You can buy unleaded a block down the street from my house, this morning, for $3.38 at the liquor store.

Best place to buy Corona's, too!


----------



## Rich (Apr 26, 2007)

$3.25 today and rising


----------



## Tonyg (Dec 9, 2007)

Tmrrptr said:


> Gosh Tony, how real do you want the data to be?
> 
> You can buy unleaded a block down the street from my house, this morning, for $3.38 at the liquor store.
> 
> Best place to buy Corona's, too!


How real? What do you mean? Try this link that will cover your area and is probably a little more accurate. 
http://tonto.eia.doe.gov/dnav/pet/pet_pri_gnd_dcus_sca_w.htm
http://tonto.eia.doe.gov/dnav/pet/pet_pri_gnd_a_epmr_pte_cpgal_w.htm


----------



## Housepainter (Jan 6, 2008)

$2.89 on Gulf Coast.


----------



## Tmrrptr (May 4, 2007)

Hey Tony,

Well, when I put gas in my truck at the quick stop, and drive two blocks home, crank up the pc and post the price on PT, how could you get a more REAL figure than that?

I'd say my accuracy would be pretty good unless I got over a dozen Coronas in me along the way during that 10 minute time span.

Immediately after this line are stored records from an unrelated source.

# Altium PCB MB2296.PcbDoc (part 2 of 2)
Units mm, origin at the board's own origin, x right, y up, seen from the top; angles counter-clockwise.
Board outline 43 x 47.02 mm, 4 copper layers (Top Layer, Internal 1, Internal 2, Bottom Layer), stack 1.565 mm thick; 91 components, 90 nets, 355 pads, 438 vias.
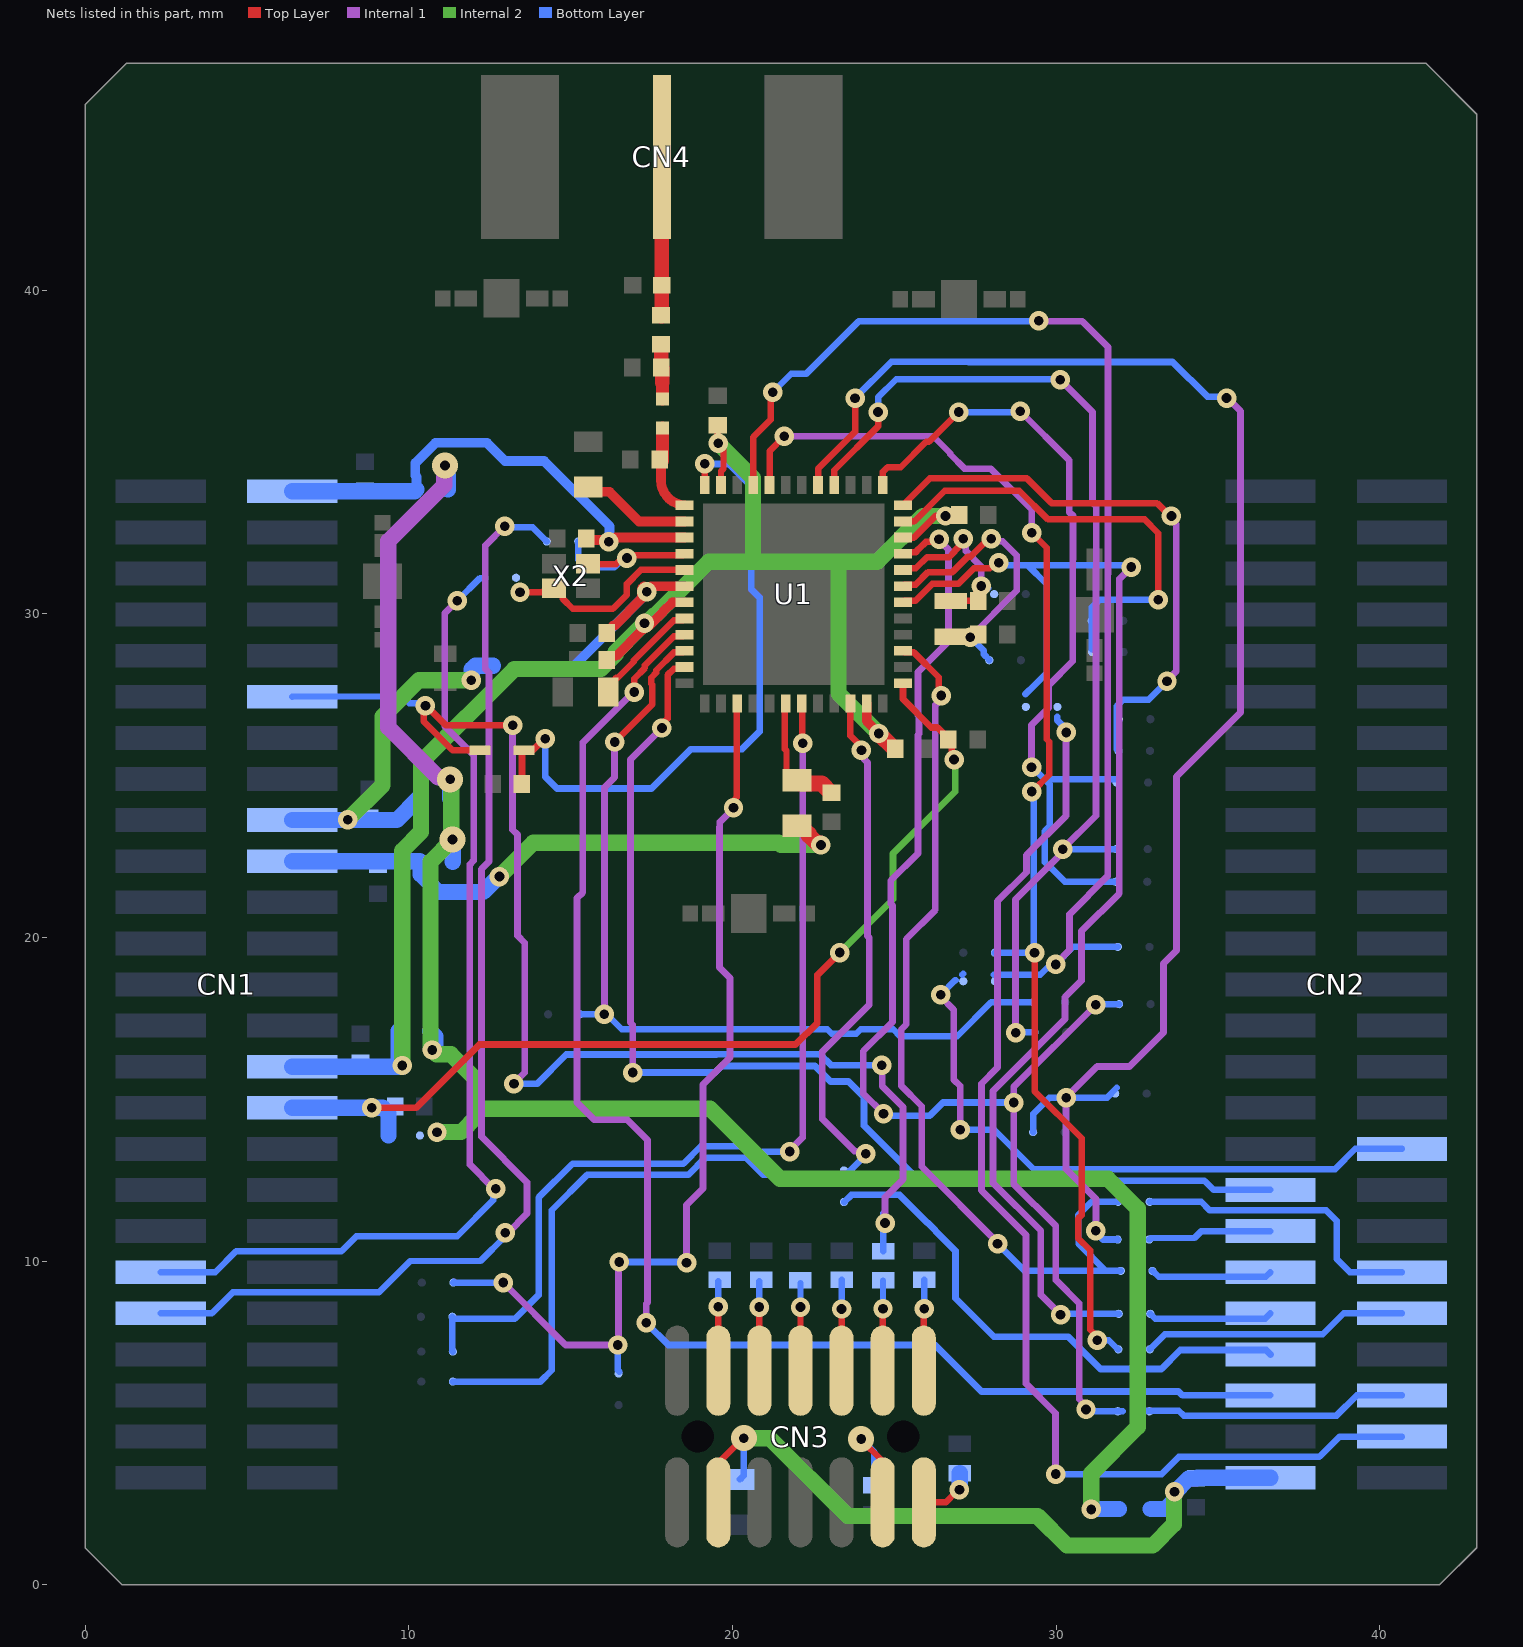
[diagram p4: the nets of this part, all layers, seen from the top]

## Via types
v1: diameter 0.6, hole 0.3, Top Layer to Bottom Layer, tented both sides, 433 vias
v2: diameter 0.8, hole 0.3, Top Layer to Bottom Layer, tented both sides, 5 vias

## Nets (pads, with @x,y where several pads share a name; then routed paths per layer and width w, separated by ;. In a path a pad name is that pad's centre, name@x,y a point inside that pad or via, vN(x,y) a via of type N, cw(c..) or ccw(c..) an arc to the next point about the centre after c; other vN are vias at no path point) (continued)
GPIO46: CN2.34 SB32.2 | length 19.6
  Internal 1 w0.21: v1(26.436,18.235) 26.436,18.17 26.835,17.771 26.835,15.612 27.039,15.408 v1(27.039,14.062)
  Bottom Layer w0.2: v1(26.436,18.235) 26.886,18.685 26.894,18.685 ; v1@27.039,14.163 v1(27.039,14.062) 28.086,14.062 29.305,12.843 38.621,12.843 39.246,13.468 CN2.34@40.688,13.468 ; 27.094,18.845 27.13,18.88
GPIO47: CN2.35 U1.47 | length 35.3
  Top Layer w0.2: v1(17.82,26.474) 17.82,26.582 17.995,26.757 17.995,28.112 18.191,28.308 18.47,28.308 U1.47@18.52,28.358
  Internal 1 w0.21: v1(16.916,15.826) 16.916,17.304 16.845,17.375 16.845,25.499 v1(17.82,26.474)
  Bottom Layer w0.2: 27.586,12.487 34.582,12.487 34.871,12.198 CN2.35@36.624,12.198
  Bottom Layer w0.21: v1(16.916,15.826) 19.463,15.826 19.668,16.031 22.553,16.031 23.033,15.55 23.581,15.55 24.061,15.07 24.061,14.184 25.758,12.487 27.586,12.487
GPIO49: CN2.37 SB29.1 | length 3.9
  Bottom Layer w0.2: SB29.1@32.877,10.668 32.892,10.668 32.938,10.715 34.276,10.715 34.49,10.928 CN2.37@36.624,10.928
GPIO50: CN2.39 SB12.1 | length 3.8
  Bottom Layer w0.2: SB12.1@32.975,9.698 32.99,9.698 33.173,9.514 36.48,9.514 CN2.39@36.624,9.658
GPIO51: CN2.40 SB15.2 | length 9.4
  Bottom Layer w0.2: SB15.2@32.889,11.832 34.481,11.832 34.741,11.573 38.342,11.573 38.672,11.243 38.672,10.066 39.08,9.658 CN2.40@40.688,9.658
GPIO52: CN2.41 SB16.2 | length 3.8
  Bottom Layer w0.2: SB16.2@32.91,8.371 33.061,8.22 36.456,8.22 CN2.41@36.624,8.388
GPIO53: CN2.42 SB18.2 | length 8.3
  Bottom Layer w0.2: SB18.2@32.898,7.274 33.362,7.738 38.24,7.738 38.891,8.388 CN2.42@40.688,8.388
GPIO54: CN2.43 SB8.1 | length 16.7
  Bottom Layer w0.21: SB8.1@23.454,11.827 23.676,12.048 24.305,12.048 25.158,12.048 26.01,11.195 26.021,11.195 26.527,10.688 26.527,10.678 26.887,10.318 26.887,8.852 28.074,7.666 30.374,7.666 31.374,6.666 33.251,6.666 33.836,7.251 36.492,7.251 CN2.43@36.624,7.118
GPIO55: CN2.45 U1.45 | length 44.6
  Top Layer w0.2: v1(16.967,27.584) 16.963,27.589 16.963,27.999 17.295,28.331 17.295,28.412 18.191,29.308 18.47,29.308 U1.45@18.52,29.358
  Internal 1 w0.21: v1(16.967,27.584) 16.935,27.584 15.374,26.023 15.374,21.397 15.196,21.219 15.196,14.906 15.736,14.367 16.753,14.367 17.374,13.747 17.374,8.718 17.336,8.68 v1(17.336,8.093)
  Bottom Layer w0.2: 33.782,5.972 33.906,5.848 CN2.45@36.624,5.848
  Bottom Layer w0.21: v1(17.336,8.093) 18.016,7.413 26.253,7.413 27.694,5.972 33.782,5.972
GPIO56: CN2.46 SB34.2 | length 8.4
  Bottom Layer w0.2: 32.655,5.377 32.885,5.377 32.892,5.37 32.91,5.37 32.917,5.377 33.79,5.377 33.941,5.226 38.667,5.226 39.289,5.848 CN2.46@40.688,5.848
GPIO57: CN2.48 SB42.2 | length 36.7
  Internal 1 w0.21: v1(29.985,3.42) 29.985,5.299 29.071,6.214 29.071,10.811 27.694,12.188 27.694,15.482 28.191,15.979 28.191,21.123 29.085,22.016 29.085,22.543 30.302,23.761 30.302,26.329 v1(30.31,26.337)
  Bottom Layer w0.2: v1(29.985,3.42) 33.262,3.42 33.795,3.953 38.138,3.953 38.764,4.578 CN2.48@40.688,4.578
  Bottom Layer w0.21: 30.033,26.823 30.033,26.72 30.31,26.442 v1(30.31,26.337)
NetC7_2: C7.2 D1.1 U1.36 | length 20.8
  Top Layer w0.21: C7.2@13.492,24.745 13.492,25.722 D1.1@13.554,25.784 13.827,25.784 v1@14.212,26.169 ; v1(14.212,26.145) v1@14.212,26.169 ; v1@14.332,26.289 v1@14.212,26.169 ; U1.36@19.145,33.983 v1(19.145,34.636)
  Bottom Layer w0.21: v1(14.212,26.145) 14.212,24.969 14.579,24.602 17.499,24.602 18.717,25.82 20.293,25.82 20.841,26.368 20.841,30.505 20.578,30.768 20.578,33.952 19.894,34.636 v1(19.145,34.636)
NetC8_2: C8.2 SB38.1 U1.19 X1.2 | length 9.4
  Top Layer w0.2: U1.19@25.27,30.858 25.32,30.908 25.661,30.908 26.044,31.292 26.797,31.292 27.277,31.772 27.362,31.772 27.912,32.322 v1(28.001,32.322) ; v1(27.347,29.283) 27.512,29.283 C8.2@27.592,29.362
  Top Layer w0.21: X1.2@26.814,29.295 26.959,29.15 C8.2@27.461,29.15
  Internal 1 w0.2: v1(27.347,29.283) 28.779,30.715 28.779,31.813 28.347,32.245 28.077,32.245 v1(28.001,32.322)
  Bottom Layer w0.2: v1(27.347,29.283) 27.771,28.858 27.771,28.749 27.936,28.583 SB38.1@27.936,28.569
NetC9_2: C9.2 SB37.1 U1.20 X1.1 | length 5.8
  Top Layer w0.2: U1.20@25.27,31.358 25.32,31.408 25.666,31.408 26.011,31.753 26.697,31.753 26.847,31.902 26.847,31.926 27.134,32.214 v1(27.134,32.322) ; X1.1@26.644,30.395 26.648,30.399 C9.2@27.576,30.399 ; C9.2@27.576,30.616 C9.2@27.549,30.643 ; C9.2@27.592,30.404 27.587,30.399 C9.2@27.576,30.399 ; v1(27.686,30.861) 27.549,30.724 C9.2@27.549,30.643 ; C9.2@27.549,30.643 27.549,30.426 C9.2@27.576,30.399
  Internal 1 w0.21: v1(27.134,32.322) 27.209,32.247 27.209,31.948 27.686,31.471 v1(27.686,30.861)
  Bottom Layer w0.2: v1(27.686,30.861) 27.747,30.8 v1@27.899,30.8
NetC11_2: C11.2 U1.38 | length 3.4
  Top Layer w0.3: C11.2@15.545,33.92 15.693,33.772 16.198,33.772 17.112,32.858 U1.38@18.52,32.858
NetC12_2: C12.2 L1.1 U1.37 | length 2.9
  Top Layer w0.2: L1.1@17.785,35.7 L1.1@17.831,35.745 ; C12.2@17.789,34.731 C12.2@17.831,34.731
  Top Layer w0.3: L1.1@17.785,35.7 L1.1@17.789,35.696 ; C12.2@17.789,34.731 17.789,34.131 ccw(c18.563,34.131) U1.37@18.52,33.358
  Top Layer w0.4: C12.2@17.831,34.731 L1.1@17.831,35.745
NetC13_2: C13.2 L1.2 L2.1 | length 1.7
  Top Layer w0.4: L1.2@17.831,36.645 17.831,37.15
  Top Layer w0.45: L2.1@17.797,38.325 C13.2@17.798,37.617 17.828,37.587 17.828,37.371 17.831,37.368 17.831,37.15
NetC14_2: C14.2 CN4.1 L2.2 | length 4.9
  Top Layer w0.45: L2.2@17.796,39.226 L2.2@17.808,39.237 ; L2.2@17.811,39.231 C14.2@17.811,40.152 ; C14.2@17.816,40.157 CN4.1@17.816,44.118
  Top Layer w0.5: L2.2@17.808,39.231 L2.2@17.811,39.231 ; C14.2@17.811,40.152 C14.2@17.816,40.157 ; CN4.1@17.816,44.118 CN4.1@17.819,44.12
NetC15_1: C15.1 SB6.2 U1.42 | length 8
  Top Layer w0.3: C15.1@16.123,29.444 16.318,29.639 16.362,29.639 17.193,30.469 17.193,30.781 17.264,30.853 17.346,30.772 17.389,30.772 17.475,30.858 U1.42@18.52,30.858
  Bottom Layer w0.3: SB6.2@13.571,28.401 15.114,28.401 17.348,30.635 v1(17.348,30.683)
NetC20_2: C20.2 L3.2 U1.6 | length 3.8
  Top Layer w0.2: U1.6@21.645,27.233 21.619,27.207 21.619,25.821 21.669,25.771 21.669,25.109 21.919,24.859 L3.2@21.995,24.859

I know I'm a painter, but a minute per bottle is only for the first few!
Yah, I must be slackin...

A 12pak lasts an hour these days... must be gettin older.


----------



## Tonyg (Dec 9, 2007)

Tmrrptr said:


> Hey Tony,
> 
> I know I'm a painter, but a minute per bottle is only for the first few!
> Yah, I must be slackin...
> ...


Come on now! 10 minutes!! Must be that corporal tunnel in the elbow slowing you down. 


:drink: :jester:


----------



## Tmrrptr (May 4, 2007)

Yah, I gotta admit it, Tony...
Not as aggressive as I once was.

Gas here on El Camino Real was $3.38 a couple hours ago.
No beer.

Pretty tight situation around here...
I went in to drop $20 in the tank. It wouldn't even get me 10 gals of fuel.
But I'm not whining.... get this part...

There was a cute young thing in front of me in line.
Entertaining tats, and lotsa piercings, well, you know...

She hands the clerk a 5 and asks for $2 on pump #7 !!!!! 
NOT even a gallon!
I offered her a 5 so she could at least get a couple gallons.
She said she was just going across town to get money from someone...

Crazy!


----------